***** Information shown *****

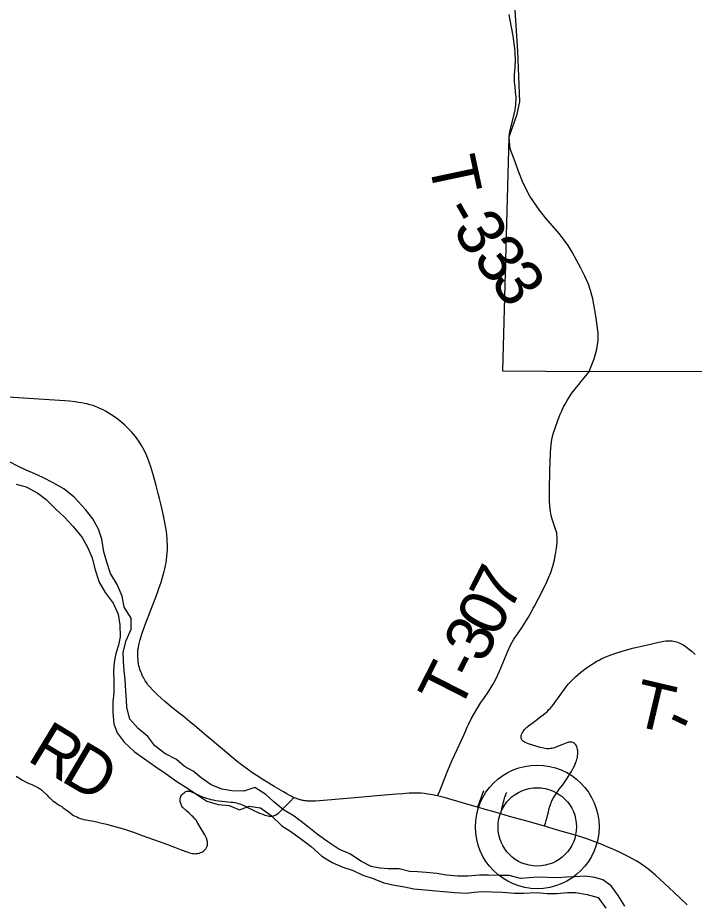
# Model space of a CAD drawing. Extents: x -10.5 to 40.6, y -3.2 to 22.
# Drawn here: x -9.859 to -9.045, y 17.758 to 18.823 of the extents above; entities that cross this region are included whole.
import ezdxf

# ---------------------------------------------------------------- set-up
doc = ezdxf.new("R2010")
doc.units = 0
for name, color, linetype in [('GM_X_Major_River', 7, 'Continuous'), ('GM_X_State_Route', 7, 'Continuous'), ('GM_X_Township_Road', 7, 'Continuous'), ('GM_X_Township_Road_Text', 7, 'Continuous'), ('GM_X_Township_Text', 7, 'Continuous'), ('GM_X_Unincorporated', 7, 'Continuous'), ('GM_X_Unincorporated_Location', 7, 'Continuous')]:
    doc.layers.add(name, color=color, linetype=linetype)

msp = doc.modelspace()

# ---------------------------------------------------------------- linework, layer by layer
at = {"layer": 'GM_X_Major_River'}
for points in [[(-9.1984, 17.7879), (-9.2086, 17.787), (-9.2215, 17.7876), (-9.2336, 17.7878), (-9.2439, 17.7869), (-9.2537, 17.7864), (-9.2674, 17.79), (-9.2776, 17.7898), (-9.2924, 17.7904), (-9.303, 17.7903), (-9.3171, 17.7889), (-9.3296, 17.7891), (-9.3428, 17.7901), (-9.3546, 17.7922), (-9.3675, 17.7936), (-9.3778, 17.7942), (-9.3873, 17.7948), (-9.3998, 17.7977), (-9.4131, 17.7979), (-9.4233, 17.7985), (-9.4336, 17.8006), (-9.4454, 17.8069), (-9.4592, 17.8158), (-9.4726, 17.8217), (-9.4859, 17.8303), (-9.4986, 17.8396), (-9.5128, 17.8508), (-9.5262, 17.8612), (-9.5392, 17.869), (-9.5507, 17.8787), (-9.5603, 17.8873), (-9.5737, 17.8958), (-9.5869, 17.8915), (-9.6013, 17.892), (-9.6134, 17.8938), (-9.6264, 17.8989), (-9.6383, 17.9075), (-9.6479, 17.9153), (-9.6585, 17.9212), (-9.6681, 17.9294), (-9.6819, 17.9368), (-9.6941, 17.9458), (-9.7026, 17.9574), (-9.7141, 17.9667), (-9.7242, 17.978), (-9.7278, 17.992), (-9.7283, 18.0014), (-9.7288, 18.012), (-9.7297, 18.0253), (-9.731, 18.0363), (-9.7319, 18.048), (-9.7321, 18.0587), (-9.7285, 18.0727), (-9.7226, 18.0865), (-9.7224, 18.0997), (-9.7309, 18.1129), (-9.7334, 18.1261), (-9.7396, 18.1401), (-9.7474, 18.1533), (-9.7517, 18.1669), (-9.7553, 18.1797), (-9.7578, 18.1948), (-9.7618, 18.2069), (-9.7688, 18.2193), (-9.7776, 18.2306), (-9.7911, 18.2452), (-9.8038, 18.2553), (-9.8164, 18.2627), (-9.829, 18.269), (-9.8385, 18.2734), (-9.8488, 18.2778), (-9.8583, 18.2822), (-9.8705, 18.2885)], [(-9.8611, 18.2609), (-9.8489, 18.2577), (-9.8348, 18.2503), (-9.8248, 18.2425), (-9.8133, 18.2309), (-9.8029, 18.2211), (-9.7925, 18.2099), (-9.7817, 18.1968), (-9.7747, 18.1844), (-9.7696, 18.1723), (-9.7664, 18.1591), (-9.7609, 18.1432), (-9.7539, 18.1304), (-9.7443, 18.1176), (-9.7384, 18.1045), (-9.7363, 18.0916), (-9.7357, 18.0772), (-9.7379, 18.0673), (-9.7411, 18.057), (-9.7429, 18.0467), (-9.7439, 18.0357), (-9.7433, 18.0225), (-9.7435, 18.0096), (-9.7445, 17.9989), (-9.7447, 17.986), (-9.7434, 17.9724), (-9.7395, 17.9618), (-9.731, 17.9502), (-9.7191, 17.939), (-9.7064, 17.9304), (-9.693, 17.9208), (-9.6804, 17.9122), (-9.6674, 17.9029), (-9.6536, 17.8944), (-9.641, 17.8858), (-9.6314, 17.8795), (-9.6177, 17.8755), (-9.6045, 17.8742), (-9.5922, 17.869), (-9.5806, 17.8734), (-9.5669, 17.8713), (-9.5539, 17.8623), (-9.5412, 17.8496), (-9.5316, 17.8437), (-9.5186, 17.8344), (-9.506, 17.8247), (-9.4929, 17.8131), (-9.4807, 17.8057), (-9.4677, 17.7998), (-9.4551, 17.7958), (-9.4437, 17.7903), (-9.4311, 17.7862), (-9.4182, 17.7811), (-9.4056, 17.7783), (-9.3935, 17.7761), (-9.3821, 17.774), (-9.3688, 17.7727), (-9.3559, 17.7713), (-9.3464, 17.7707), (-9.3327, 17.7694), (-9.3194, 17.7688), (-9.3096, 17.7697), (-9.2994, 17.7706), (-9.288, 17.7704), (-9.2755, 17.7698), (-9.261, 17.7688), (-9.2497, 17.7686), (-9.2345, 17.7696)], [(-9.1281, 17.7528), (-9.1363, 17.7656), (-9.1448, 17.7776), (-9.1547, 17.7847), (-9.1642, 17.7876), (-9.176, 17.7889), (-9.1885, 17.7884), (-9.1984, 17.7879)], [(-9.2345, 17.7696), (-9.2216, 17.7682), (-9.2099, 17.7684), (-9.1974, 17.7693), (-9.1875, 17.7694), (-9.1734, 17.767), (-9.1605, 17.7634), (-9.1512, 17.7506)]]:
    msp.add_lwpolyline(points, dxfattribs=at)
at = {"layer": 'GM_X_State_Route'}
for points in [[(-9.6496, 17.973), (-9.658, 17.9799), (-9.6721, 17.9911), (-9.682, 17.9995), (-9.6908, 18.0074), (-9.6965, 18.0128), (-9.7006, 18.0173), (-9.7024, 18.0196), (-9.7043, 18.0222), (-9.7057, 18.0242), (-9.707, 18.0265), (-9.7079, 18.0281), (-9.7088, 18.0299), (-9.7099, 18.0325), (-9.7111, 18.035), (-9.712, 18.0377), (-9.7127, 18.0401), (-9.7133, 18.0423), (-9.7137, 18.0448), (-9.714, 18.0474), (-9.7143, 18.05), (-9.7145, 18.0527), (-9.7147, 18.0561), (-9.7146, 18.0587), (-9.7144, 18.0616), (-9.7139, 18.0644), (-9.7134, 18.0675), (-9.7125, 18.0708), (-9.7116, 18.0741), (-9.7093, 18.0818), (-9.7054, 18.0929), (-9.6918, 18.1282), (-9.6891, 18.1355), (-9.6866, 18.1429), (-9.6851, 18.1475), (-9.6839, 18.1519), (-9.6829, 18.1557), (-9.682, 18.1592), (-9.6812, 18.1631), (-9.6806, 18.1663), (-9.6801, 18.17), (-9.6796, 18.1738), (-9.6793, 18.1782), (-9.679, 18.1821), (-9.6789, 18.1876), (-9.6791, 18.192), (-9.6792, 18.1945), (-9.6797, 18.2008), (-9.68, 18.2033), (-9.6804, 18.2063), (-9.6824, 18.2167), (-9.6831, 18.2204), (-9.6833, 18.2216), (-9.6839, 18.2246), (-9.6845, 18.227), (-9.6869, 18.2373), (-9.6886, 18.2439), (-9.6901, 18.2499), (-9.6925, 18.2595), (-9.6936, 18.2637), (-9.6964, 18.2739), (-9.6987, 18.2817), (-9.7008, 18.2876), (-9.7039, 18.2951), (-9.707, 18.3019), (-9.71, 18.3075), (-9.7134, 18.3127), (-9.7174, 18.3183), (-9.7196, 18.321), (-9.7219, 18.3236), (-9.7242, 18.3261), (-9.7271, 18.329), (-9.7303, 18.3321), (-9.7336, 18.3349), (-9.7359, 18.337), (-9.7384, 18.3389), (-9.7409, 18.3409), (-9.7439, 18.343), (-9.7469, 18.345), (-9.7503, 18.347), (-9.7533, 18.3488), (-9.7563, 18.3504), (-9.7593, 18.3517), (-9.762, 18.353), (-9.7655, 18.3543), (-9.7687, 18.3555), (-9.7722, 18.3565), (-9.7758, 18.3576), (-9.7788, 18.3583), (-9.7825, 18.3589), (-9.7858, 18.3595), (-9.7899, 18.3601), (-9.7967, 18.3608), (-9.8023, 18.3613), (-9.8338, 18.3633), (-9.8767, 18.3661)], [(-9.0531, 17.7547), (-9.0689, 17.7696), (-9.0808, 17.7805), (-9.0914, 17.7901), (-9.0995, 17.7969), (-9.1064, 17.8022), (-9.1104, 17.8051), (-9.1146, 17.8077), (-9.1197, 17.8105), (-9.1236, 17.8125), (-9.1283, 17.8149), (-9.1347, 17.8179), (-9.1428, 17.8215), (-9.1494, 17.8243), (-9.1567, 17.8275), (-9.1625, 17.8297), (-9.1675, 17.8316), (-9.1738, 17.8339), (-9.1812, 17.8364), (-9.1931, 17.8399), (-9.2008, 17.8422), (-9.2144, 17.8462), (-9.2249, 17.8491), (-9.2429, 17.8543), (-9.2671, 17.8611), (-9.2777, 17.8642), (-9.2805, 17.865), (-9.2871, 17.8669), (-9.2963, 17.8695), (-9.304, 17.8717), (-9.3056, 17.8721), (-9.3213, 17.8765), (-9.344, 17.8832), (-9.3489, 17.8846), (-9.3536, 17.8856), (-9.3578, 17.8865), (-9.3616, 17.8873), (-9.3654, 17.8879), (-9.3697, 17.8884), (-9.3736, 17.8888), (-9.3764, 17.889), (-9.3786, 17.889), (-9.3832, 17.889), (-9.3877, 17.8889), (-9.3917, 17.8886), (-9.3956, 17.8883), (-9.4033, 17.8876), (-9.4268, 17.8856), (-9.4534, 17.8835), (-9.472, 17.8818), (-9.4862, 17.8805), (-9.5008, 17.8793), (-9.5037, 17.8793), (-9.506, 17.8792), (-9.5081, 17.8793), (-9.5101, 17.8795), (-9.5116, 17.8796), (-9.5133, 17.8798), (-9.5149, 17.88), (-9.5156, 17.8802), (-9.5164, 17.8803), (-9.5173, 17.8805), (-9.5183, 17.8808), (-9.5193, 17.8811), (-9.5204, 17.8814), (-9.5215, 17.8818), (-9.5226, 17.8822), (-9.5236, 17.8825), (-9.5247, 17.8829), (-9.5259, 17.8834), (-9.5269, 17.8838), (-9.5286, 17.8845), (-9.5301, 17.8852), (-9.5323, 17.8864), (-9.5352, 17.888), (-9.5392, 17.8904), (-9.5505, 17.8971), (-9.5569, 17.901), (-9.5627, 17.9046), (-9.5708, 17.9098), (-9.5771, 17.914), (-9.5826, 17.9178), (-9.5897, 17.9231), (-9.595, 17.9272), (-9.5996, 17.931), (-9.6128, 17.9419), (-9.6322, 17.9585), (-9.6489, 17.9724), (-9.6496, 17.973)]]:
    msp.add_lwpolyline(points, dxfattribs=at)
at = {"layer": 'GM_X_Township_Road'}
for points in [[(-9.2675, 18.6784), (-9.2669, 18.6834), (-9.2659, 18.6882), (-9.2649, 18.6924), (-9.264, 18.6965), (-9.2617, 18.7049), (-9.2603, 18.7116), (-9.2598, 18.7147), (-9.2595, 18.7178), (-9.2593, 18.7205), (-9.2591, 18.7233), (-9.2592, 18.7277), (-9.2597, 18.732), (-9.26, 18.7351), (-9.2608, 18.7425), (-9.261, 18.745), (-9.261, 18.7478), (-9.261, 18.7499), (-9.261, 18.7519), (-9.261, 18.754), (-9.2607, 18.758), (-9.2603, 18.7629), (-9.2602, 18.7647), (-9.2601, 18.7665), (-9.26, 18.7687), (-9.26, 18.7708), (-9.2599, 18.7729), (-9.26, 18.7746), (-9.2602, 18.7776), (-9.2602, 18.7788), (-9.2604, 18.7818), (-9.2607, 18.7854), (-9.261, 18.7879), (-9.2615, 18.792), (-9.2617, 18.7944), (-9.2623, 18.7978), (-9.2628, 18.8007), (-9.2643, 18.8091), (-9.2662, 18.8197), (-9.2675, 18.8265)], [(-9.1717, 18.396), (-9.1653, 18.4119), (-9.162, 18.4234), (-9.1603, 18.4343), (-9.1603, 18.4433), (-9.1631, 18.4637), (-9.1669, 18.484), (-9.1696, 18.4943), (-9.1721, 18.5018), (-9.1762, 18.5112), (-9.1813, 18.5212), (-9.1915, 18.5401), (-9.1963, 18.5482), (-9.2007, 18.5545), (-9.2074, 18.5629), (-9.2236, 18.5818), (-9.2308, 18.5908), (-9.2424, 18.6079), (-9.2508, 18.6232), (-9.2568, 18.6388), (-9.2604, 18.649), (-9.2663, 18.6646), (-9.2675, 18.6784)], [(-9.3536, 17.8856), (-9.3511, 17.8919), (-9.3417, 17.9153), (-9.336, 17.9287), (-9.3302, 17.9416), (-9.3222, 17.959), (-9.3197, 17.9646), (-9.3179, 17.9686), (-9.3161, 17.9725), (-9.3132, 17.9784), (-9.3052, 17.9923), (-9.3016, 17.998), (-9.298, 18.0031), (-9.292, 18.0118), (-9.2872, 18.0198), (-9.2837, 18.0262), (-9.2793, 18.0359), (-9.269, 18.0599), (-9.2654, 18.0678), (-9.2618, 18.0743), (-9.258, 18.08), (-9.252, 18.0887), (-9.2444, 18.1008), (-9.2398, 18.1088), (-9.2384, 18.1116), (-9.2371, 18.1143), (-9.2319, 18.1242), (-9.2235, 18.1408), (-9.2201, 18.1482), (-9.2175, 18.1545), (-9.215, 18.1622), (-9.2129, 18.1699), (-9.2115, 18.1766), (-9.2104, 18.184), (-9.2098, 18.1908), (-9.2096, 18.1944), (-9.2097, 18.1977), (-9.2099, 18.2003), (-9.2102, 18.2025), (-9.2107, 18.2047), (-9.2115, 18.207), (-9.2159, 18.219), (-9.217, 18.2232), (-9.2179, 18.2281), (-9.2186, 18.2343), (-9.219, 18.2417), (-9.2191, 18.2542), (-9.2186, 18.2771), (-9.2179, 18.2983), (-9.2174, 18.3051), (-9.2171, 18.3081), (-9.2164, 18.3123), (-9.2157, 18.3166), (-9.2141, 18.3226), (-9.2117, 18.3297), (-9.2087, 18.3378), (-9.2059, 18.3453), (-9.2042, 18.3494), (-9.2025, 18.3533), (-9.2002, 18.3574), (-9.1977, 18.3619), (-9.1937, 18.3681), (-9.1911, 18.3717), (-9.1889, 18.3747), (-9.1859, 18.3782), (-9.1835, 18.381), (-9.1809, 18.3844), (-9.1768, 18.3895), (-9.1717, 18.396)], [(-9.2257, 17.9431), (-9.23, 17.944), (-9.2366, 17.9458), (-9.2428, 17.9478), (-9.2462, 17.9491), (-9.2483, 17.9501), (-9.2493, 17.9506), (-9.2502, 17.9512), (-9.251, 17.9519), (-9.2517, 17.9526), (-9.2522, 17.9533), (-9.2526, 17.9542), (-9.2529, 17.955), (-9.2531, 17.956), (-9.2532, 17.9568), (-9.253, 17.9578), (-9.2525, 17.9596), (-9.2519, 17.9611), (-9.2511, 17.9624), (-9.2505, 17.9634), (-9.2497, 17.9644), (-9.2489, 17.9655), (-9.2477, 17.9668), (-9.2461, 17.9683), (-9.2441, 17.9701), (-9.2401, 17.973), (-9.2348, 17.9769), (-9.2293, 17.9811), (-9.2266, 17.9832), (-9.224, 17.9854), (-9.2219, 17.9871), (-9.22, 17.9892), (-9.2181, 17.9911), (-9.2163, 17.9933), (-9.2143, 17.9957), (-9.2124, 17.9981), (-9.2008, 18.0142), (-9.1963, 18.0201), (-9.1921, 18.0247), (-9.1876, 18.0289), (-9.1811, 18.0345), (-9.1733, 18.0406), (-9.1677, 18.0444), (-9.1619, 18.0479), (-9.1592, 18.0493), (-9.1559, 18.051), (-9.1491, 18.054), (-9.1404, 18.0572), (-9.1315, 18.06), (-9.119, 18.0634), (-9.1027, 18.0673), (-9.0872, 18.0709), (-9.0811, 18.0721), (-9.0789, 18.0723), (-9.0768, 18.0724), (-9.0751, 18.0725), (-9.0731, 18.0724), (-9.0714, 18.0722), (-9.0695, 18.0719), (-9.0679, 18.0715), (-9.0659, 18.071), (-9.0639, 18.0703), (-9.0619, 18.0695), (-9.0598, 18.0685), (-9.0581, 18.0674), (-9.0561, 18.0663), (-9.0539, 18.0648), (-9.0505, 18.0621), (-9.0472, 18.0594), (-9.0434, 18.0561)], [(-9.2249, 17.8491), (-9.2237, 17.8529), (-9.2229, 17.8561), (-9.2219, 17.8599), (-9.221, 17.8636), (-9.2203, 17.8665), (-9.2197, 17.8686), (-9.2188, 17.872), (-9.2181, 17.8741), (-9.2173, 17.8764), (-9.2166, 17.8783), (-9.216, 17.8797), (-9.2154, 17.881), (-9.2148, 17.8822), (-9.2141, 17.8832), (-9.2134, 17.8844), (-9.2124, 17.8859), (-9.2116, 17.8871), (-9.2105, 17.8888), (-9.2085, 17.8917), (-9.2071, 17.8937), (-9.203, 17.8992), (-9.1987, 17.9052), (-9.1972, 17.9074), (-9.1959, 17.9094), (-9.1943, 17.9121), (-9.1926, 17.9151), (-9.1906, 17.9189), (-9.189, 17.9219), (-9.188, 17.924), (-9.1871, 17.9262), (-9.1864, 17.9281), (-9.1859, 17.9302), (-9.1854, 17.9321), (-9.1851, 17.9342), (-9.1848, 17.9359), (-9.1848, 17.9378), (-9.1848, 17.9389), (-9.1849, 17.9402), (-9.1852, 17.9417), (-9.1855, 17.9432), (-9.1859, 17.9447), (-9.1864, 17.9461), (-9.1871, 17.947), (-9.1879, 17.948), (-9.1888, 17.9488), (-9.1899, 17.9495), (-9.1908, 17.95), (-9.1919, 17.9503), (-9.193, 17.9505), (-9.1944, 17.9504), (-9.1957, 17.9502), (-9.1969, 17.95), (-9.1982, 17.9495), (-9.2022, 17.948), (-9.2113, 17.9442), (-9.2131, 17.9435), (-9.2148, 17.9431), (-9.2163, 17.9428), (-9.2178, 17.9426), (-9.2192, 17.9424), (-9.2209, 17.9424), (-9.2222, 17.9425), (-9.224, 17.9427), (-9.2257, 17.9431)], [(-9.8612, 17.9094), (-9.8578, 17.9074), (-9.8534, 17.9048), (-9.8496, 17.9027), (-9.8474, 17.9016), (-9.8457, 17.9007), (-9.8441, 17.9001), (-9.8423, 17.8993), (-9.8396, 17.8981), (-9.8367, 17.8967), (-9.8348, 17.8957), (-9.8329, 17.8946), (-9.8317, 17.8937), (-9.8307, 17.893), (-9.8297, 17.8922), (-9.8287, 17.8911), (-9.8238, 17.8864), (-9.8228, 17.8854), (-9.8216, 17.8843), (-9.8206, 17.8834), (-9.8197, 17.8824), (-9.8186, 17.8815), (-9.8177, 17.8807), (-9.8167, 17.8798), (-9.8157, 17.879), (-9.8138, 17.8776), (-9.8116, 17.8762), (-9.8104, 17.8754), (-9.8091, 17.8746), (-9.8076, 17.8737), (-9.8062, 17.8728), (-9.8048, 17.8718), (-9.8032, 17.8707), (-9.8008, 17.8689), (-9.798, 17.8668), (-9.7957, 17.8649), (-9.7937, 17.8635), (-9.7919, 17.8623), (-9.79, 17.8612), (-9.7881, 17.8603), (-9.7861, 17.8594), (-9.784, 17.8586), (-9.7821, 17.858), (-9.7797, 17.8573), (-9.7773, 17.8567), (-9.7677, 17.8551), (-9.7593, 17.8534), (-9.7521, 17.8517), (-9.7378, 17.8478), (-9.7307, 17.8457), (-9.7196, 17.842), (-9.7092, 17.8381), (-9.6888, 17.8307), (-9.679, 17.8271), (-9.6703, 17.824), (-9.6624, 17.8209), (-9.6543, 17.8179), (-9.6522, 17.8171), (-9.6505, 17.8166), (-9.6489, 17.8163), (-9.6472, 17.8162), (-9.6455, 17.8161), (-9.6442, 17.8162), (-9.6426, 17.8164), (-9.6412, 17.8166), (-9.64, 17.8169), (-9.6389, 17.8174), (-9.6377, 17.8179), (-9.6367, 17.8185), (-9.6356, 17.8192), (-9.6348, 17.82), (-9.6337, 17.8209), (-9.6327, 17.8221), (-9.6322, 17.8228), (-9.6317, 17.8236), (-9.6314, 17.8245), (-9.6311, 17.8253), (-9.6308, 17.8262), (-9.6307, 17.8271), (-9.6306, 17.8283), (-9.6306, 17.8296), (-9.6308, 17.8308), (-9.631, 17.832), (-9.632, 17.8349), (-9.6339, 17.8387), (-9.6395, 17.8481), (-9.6435, 17.855), (-9.6441, 17.856), (-9.6448, 17.8569), (-9.6455, 17.8578), (-9.6464, 17.8587), (-9.647, 17.8594), (-9.6479, 17.8603), (-9.6496, 17.8618), (-9.6529, 17.8649), (-9.6559, 17.8676), (-9.6599, 17.8714), (-9.6607, 17.8723), (-9.6614, 17.8734), (-9.662, 17.8744), (-9.6625, 17.8755), (-9.6629, 17.8765), (-9.6633, 17.8778), (-9.6635, 17.8789), (-9.6636, 17.8801), (-9.6637, 17.881), (-9.6636, 17.8819), (-9.6634, 17.8828), (-9.6632, 17.8837), (-9.6629, 17.8845), (-9.6626, 17.8853), (-9.6616, 17.8869), (-9.6604, 17.8882), (-9.6589, 17.8894), (-9.6575, 17.8904), (-9.6567, 17.8909), (-9.6558, 17.8912), (-9.6549, 17.8914), (-9.654, 17.8915), (-9.6521, 17.8913), (-9.6498, 17.8906), (-9.6413, 17.8867), (-9.6377, 17.8851), (-9.6344, 17.8839), (-9.6317, 17.883), (-9.6291, 17.8822), (-9.6266, 17.8814), (-9.6237, 17.8808), (-9.6211, 17.8803), (-9.6176, 17.8797), (-9.6136, 17.8793), (-9.6095, 17.8789), (-9.6027, 17.8783), (-9.6002, 17.878), (-9.5979, 17.8776), (-9.5957, 17.8772), (-9.5937, 17.8766), (-9.5916, 17.876), (-9.5896, 17.8753), (-9.5879, 17.8746), (-9.5862, 17.8738), (-9.5849, 17.8732), (-9.5834, 17.8724), (-9.5815, 17.8715), (-9.5756, 17.8686), (-9.5689, 17.8655), (-9.5669, 17.8646), (-9.5642, 17.8636), (-9.5616, 17.8627), (-9.5596, 17.8621), (-9.558, 17.8617), (-9.5565, 17.8613), (-9.5552, 17.8612), (-9.554, 17.8612), (-9.553, 17.8613), (-9.5522, 17.8614), (-9.5512, 17.8617), (-9.5503, 17.862), (-9.5492, 17.8624), (-9.5482, 17.863), (-9.5462, 17.8643), (-9.5453, 17.865), (-9.5434, 17.8666), (-9.5398, 17.87), (-9.5355, 17.8745), (-9.5313, 17.879), (-9.5269, 17.8838)], [(-9.3056, 17.8721), (-9.304, 17.8759), (-9.3028, 17.8791), (-9.298, 17.8923)], [(-9.2777, 17.8642), (-9.2773, 17.8663), (-9.2769, 17.8682), (-9.2765, 17.8699), (-9.2759, 17.8725), (-9.2753, 17.8747), (-9.2747, 17.8772), (-9.2741, 17.8794), (-9.2729, 17.8831), (-9.2725, 17.8844), (-9.2719, 17.8857), (-9.271, 17.8884), (-9.2703, 17.8902)]]:
    msp.add_lwpolyline(points, dxfattribs=at)
at = {"layer": 'GM_X_Township_Text'}
msp.add_lwpolyline([(-10.5445, 19.4241), (-9.8621, 19.4152), (-9.3297, 19.4093), (-9.2736, 19.4089), (-9.2734, 18.9532), (-9.2666, 18.9242), (-9.2573, 18.7823), (-9.2552, 18.7211), (-9.2586, 18.705), (-9.2677, 18.6789), (-9.2756, 18.3974), (-9.1719, 18.3965), (-8.6421, 18.3977), (-8.2403, 18.3894), (-8.2411, 17.9704), (-8.2441, 17.4134), (-7.9861, 17.4086), (-7.6509, 17.4026), (-7.3241, 17.3974), (-6.9004, 17.4016), (-6.4692, 17.3961), (-6.192, 17.3965), (-6.1874, 16.891), (-6.062, 16.8858)], dxfattribs=at)
at = {"layer": 'GM_X_Unincorporated'}
for radius in [0.0744, 0.0472]:
    msp.add_circle((-9.2337, 17.8484), radius, dxfattribs=at)
at = {"layer": 'GM_X_Unincorporated_Location'}
msp.add_line((-9.2337, 17.8484), (-9.2337, 17.8484), dxfattribs=at)

# ---------------------------------------------------------------- texts
at = {"layer": 'GM_X_Township_Road_Text'}
for s, rotation, p in [('T', 281.9706, (-9.3649, 18.6496)), ('-', 299.8915, (-9.3492, 18.59)), ('3', 301.8826, (-9.3365, 18.5679)), ('3', 310.2199, (-9.3127, 18.5309)), ('3', 303.6814, (-9.2911, 18.5056)), ('7', 63.0248, (-9.267, 18.1056)), ('0', 62.9781, (-9.2828, 18.0747)), ('3', 62.9755, (-9.2986, 18.0437)), ('-', 62.9755, (-9.3091, 18.0231)), ('T', 62.9755, (-9.3284, 17.9853)), ('T', 346.7381, (-9.1212, 17.9714)), ('-', 334.3427, (-9.0829, 17.9627)), ('R', 328.6661, (-9.8495, 17.9293)), ('D', 329.5159, (-9.8089, 17.9046))]:
    msp.add_text(s, height=0.0568, rotation=rotation, dxfattribs=at).set_placement(p)

doc.saveas('drawing.dxf')

*****

● To do: Every line from the top of the records above to the line with "doc.units = 0", inclusive, should be duplicated exactly, minus the pictures.

● Your solution:
# Model space of a CAD drawing. Extents: x -10.5 to 40.6, y -3.2 to 22.
# Drawn here: x -9.859 to -9.045, y 17.758 to 18.823 of the extents above; entities that cross this region are included whole.
import ezdxf

# ---------------------------------------------------------------- set-up
doc = ezdxf.new("R2010")
doc.units = 0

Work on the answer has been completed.